# Terminating SCSI bus tape and Zip drive

## VinzC

Hi.

There is a question I have never been able to answer about SCSI termination. I have an Adaptec 2904 SCSI adapter with an internal cable connector and an external connector at the back, an external SCSI zip drive and an internal SCSI tape drive (Archive Python Python 00095-001). The Zip drive has a switch to enable SCSI termination, I think it's active. It is currently enabled. The internal SCSI tape drive has no terminator, I think.

I have plugged the passive terminator (sort of a small, black stub) at the end of the internal cable, while the internal SCSI tape drive is connected to the second connector on the cable.

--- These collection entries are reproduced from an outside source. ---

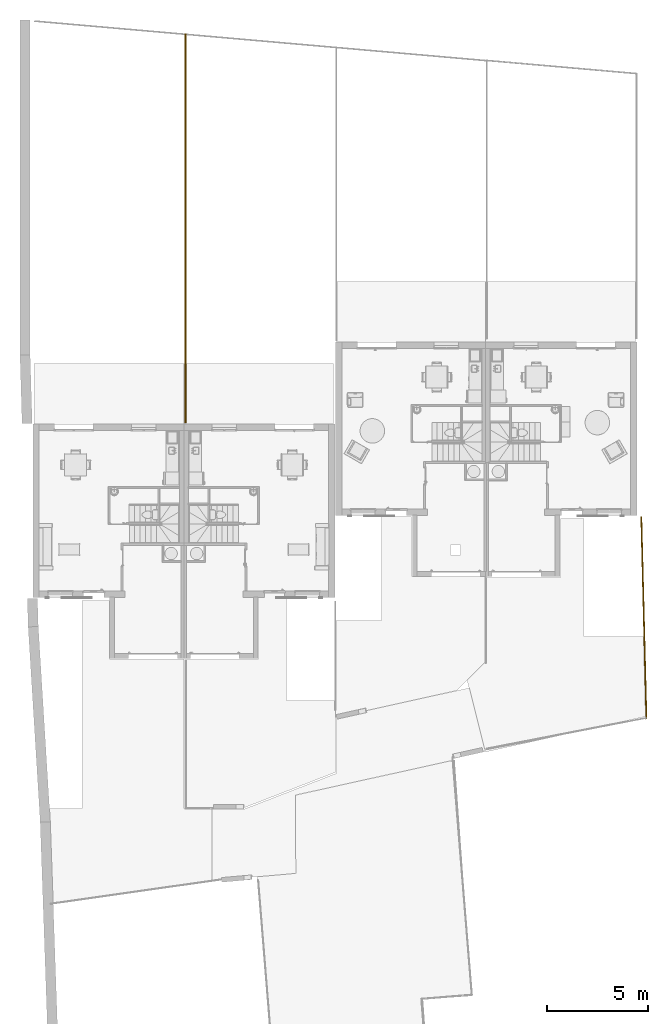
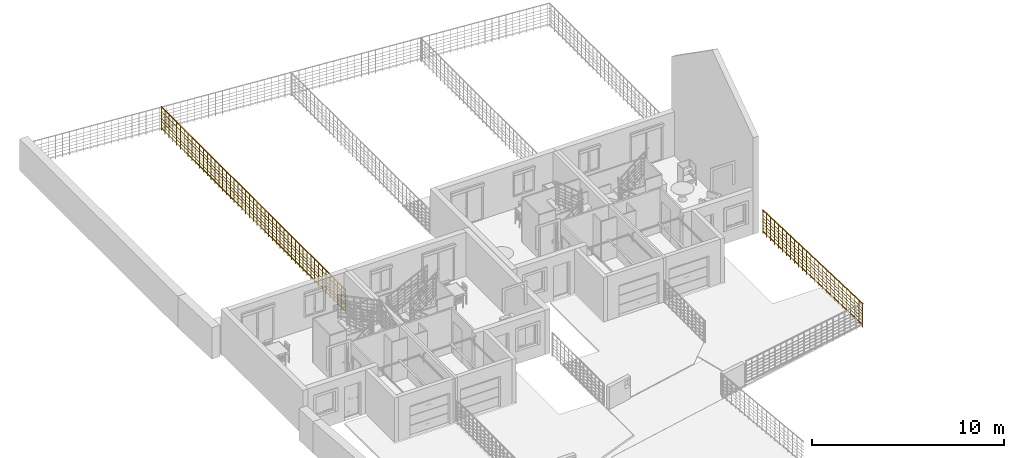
# One storey, part 26 of 30: 2 railings.
"""IFC2X3 building model written with IfcOpenShell, lengths in metres."""

from ifc_helpers import new_model, entity, si_unit, converted_unit, derived_unit, direction, frame, frame_2d, origin, origin_2d_with_axis, place, context, subcontext, project, spatial, polyline, rectangle, circle, outline, extrude, material, material_list, element, save


model = new_model("IFC2X3")

# Units and contexts
model_context = context("Model", 3, precision=1e-05, world=origin(), true_north=direction((6.12303176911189e-17, 1.0)))
body_context = subcontext(model_context, "Body", "Model", "MODEL_VIEW")
ifc_project = project(units=[si_unit("LENGTHUNIT", "METRE"), si_unit("AREAUNIT", "SQUARE_METRE"), si_unit("VOLUMEUNIT", "CUBIC_METRE"), converted_unit("PLANEANGLEUNIT", "DEGREE", entity("IfcRatioMeasure", 0.0174532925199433), si_unit("PLANEANGLEUNIT", "RADIAN"), dimensions=[0, 0, 0, 0, 0, 0, 0]), si_unit("MASSUNIT", "GRAM", prefix="KILO"), derived_unit("MASSDENSITYUNIT", [(si_unit("MASSUNIT", "GRAM", prefix="KILO"), 1), (si_unit("LENGTHUNIT", "METRE"), -3)]), si_unit("TIMEUNIT", "SECOND"), si_unit("FREQUENCYUNIT", "HERTZ"), si_unit("THERMODYNAMICTEMPERATUREUNIT", "DEGREE_CELSIUS"), derived_unit("THERMALTRANSMITTANCEUNIT", [(si_unit("MASSUNIT", "GRAM", prefix="KILO"), 1), (si_unit("THERMODYNAMICTEMPERATUREUNIT", "KELVIN"), -1), (si_unit("TIMEUNIT", "SECOND"), -3)]), derived_unit("VOLUMETRICFLOWRATEUNIT", [(si_unit("LENGTHUNIT", "METRE"), 3), (si_unit("TIMEUNIT", "SECOND"), -1)]), si_unit("ELECTRICCURRENTUNIT", "AMPERE"), si_unit("ELECTRICVOLTAGEUNIT", "VOLT"), si_unit("POWERUNIT", "WATT"), si_unit("FORCEUNIT", "NEWTON", prefix="KILO"), si_unit("ILLUMINANCEUNIT", "LUX"), si_unit("LUMINOUSFLUXUNIT", "LUMEN"), si_unit("LUMINOUSINTENSITYUNIT", "CANDELA"), derived_unit("USERDEFINED", [(si_unit("MASSUNIT", "GRAM", prefix="KILO"), -1), (si_unit("LENGTHUNIT", "METRE"), -2), (si_unit("TIMEUNIT", "SECOND"), 3), (si_unit("LUMINOUSFLUXUNIT", "LUMEN"), 1)]), derived_unit("LINEARVELOCITYUNIT", [(si_unit("LENGTHUNIT", "METRE"), 1), (si_unit("TIMEUNIT", "SECOND"), -1)]), si_unit("PRESSUREUNIT", "PASCAL"), derived_unit("USERDEFINED", [(si_unit("LENGTHUNIT", "METRE"), -2), (si_unit("MASSUNIT", "GRAM", prefix="KILO"), 1), (si_unit("TIMEUNIT", "SECOND"), -2)])], contexts=[model_context])

# Site, building, storey
site_placement = place(None, origin())
site = spatial("IfcSite", under=ifc_project, at=site_placement, Name="Surface", CompositionType="ELEMENT")
building_placement = place(site_placement, origin())
building = spatial("IfcBuilding", under=site, at=building_placement, CompositionType="ELEMENT")
storey_placement = place(building_placement, origin())
storey = spatial("IfcBuildingStorey", under=building, at=storey_placement, Name="Plan des fondations  Maisons 1 et 2", CompositionType="ELEMENT", Elevation=0.0)

# Railings
ifc_material_1 = material(Name="Bois")
ifc_material_2 = material(Name="Finition Peinture Grise")
ifc_material_list_1 = material_list([ifc_material_1, ifc_material_2])
railing_1_placement = place(building_placement, origin())
element("IfcRailing", 1, at=railing_1_placement, inside=storey, material=ifc_material_list_1, Name="Garde-corps:Type Bateau 1,50 m", ObjectType="Garde-corps:Type Bateau 1,50 m", PredefinedType="NOTDEFINED", context=body_context, shape_type="SweptSolid", body=[
    extrude(rectangle(XDim=0.0499999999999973, YDim=0.0139999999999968, at=frame_2d((4.32986979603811e-15, -1.73259843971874e-14), x_axis=(1.0, 0.0))), frame((68.9122847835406, 107.277798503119, -0.1), z_axis=(0.0, 0.0, 1.0), x_axis=(-1.0, 0.0, 0.0)), (0.0, 0.0, 1.0), 1.46984653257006),
    extrude(rectangle(XDim=0.0499999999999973, YDim=0.0139999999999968, at=frame_2d((4.32986979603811e-15, 0.0), x_axis=(1.0, 0.0))), frame((68.9122847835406, 106.877798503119, -0.1), z_axis=(0.0, 0.0, 1.0), x_axis=(-1.0, 0.0, 0.0)), (0.0, 0.0, 1.0), 1.46984653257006),
    extrude(rectangle(XDim=0.0499999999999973, YDim=0.0139999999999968, at=frame_2d((4.32986979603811e-15, 0.0), x_axis=(1.0, 0.0))), frame((68.9122847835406, 106.477798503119, -0.1), z_axis=(0.0, 0.0, 1.0), x_axis=(-1.0, 0.0, 0.0)), (0.0, 0.0, 1.0), 1.46984653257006),
    extrude(rectangle(XDim=0.0499999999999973, YDim=0.0139999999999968, at=frame_2d((4.32986979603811e-15, -1.73259843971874e-14), x_axis=(1.0, 0.0))), frame((68.9122847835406, 106.077798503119, -0.1), z_axis=(0.0, 0.0, 1.0), x_axis=(-1.0, 0.0, 0.0)), (0.0, 0.0, 1.0), 1.46984653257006),
    extrude(rectangle(XDim=0.0499999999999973, YDim=0.0139999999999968, at=frame_2d((4.32986979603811e-15, 0.0), x_axis=(1.0, 0.0))), frame((68.9122847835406, 105.677798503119, -0.1), z_axis=(0.0, 0.0, 1.0), x_axis=(-1.0, 0.0, 0.0)), (0.0, 0.0, 1.0), 1.46984653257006),
    extrude(rectangle(XDim=0.0499999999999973, YDim=0.0139999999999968, at=frame_2d((4.32986979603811e-15, 0.0), x_axis=(1.0, 0.0))), frame((68.9122847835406, 105.277798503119, -0.1), z_axis=(0.0, 0.0, 1.0), x_axis=(-1.0, 0.0, 0.0)), (0.0, 0.0, 1.0), 1.46984653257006),
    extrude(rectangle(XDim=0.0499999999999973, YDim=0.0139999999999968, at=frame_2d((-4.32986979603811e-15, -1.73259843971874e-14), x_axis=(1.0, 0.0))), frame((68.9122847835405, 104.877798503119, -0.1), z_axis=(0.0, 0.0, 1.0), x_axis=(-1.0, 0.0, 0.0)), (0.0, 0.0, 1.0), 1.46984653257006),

I have also plugged my external SCSI Zip 100 drive (IoMega) with a cable to the connector at the back of the SCSI card.

I've always had troubles with both devices. Meanwhile I've always wondered where I should terminate the SCSI bus:

- Should I plug the internal terminator? and where?

- Should I place the SCSI tape drive at the and of the internal cable instead?

- Should I enable the terminator on the external Zip drive?

- What about terminating when the external Zip drive is powered off?

- Should it be always on? Should I enable only one termination at a time?

Basically: when and where should I terminate a SCSI bus?

EDIT: I don't stop having I/O errors on the tape drive with "mtx" and the orange led always blinks whenever I put a cassette in the drive. In 2 years I have never been able to use that thing  :Sad:  .

Thanks in advance.

----------

## NeddySeagoon

VinzC,

The SCSI bus must be terminated at both ends of the bus - the physical wire only.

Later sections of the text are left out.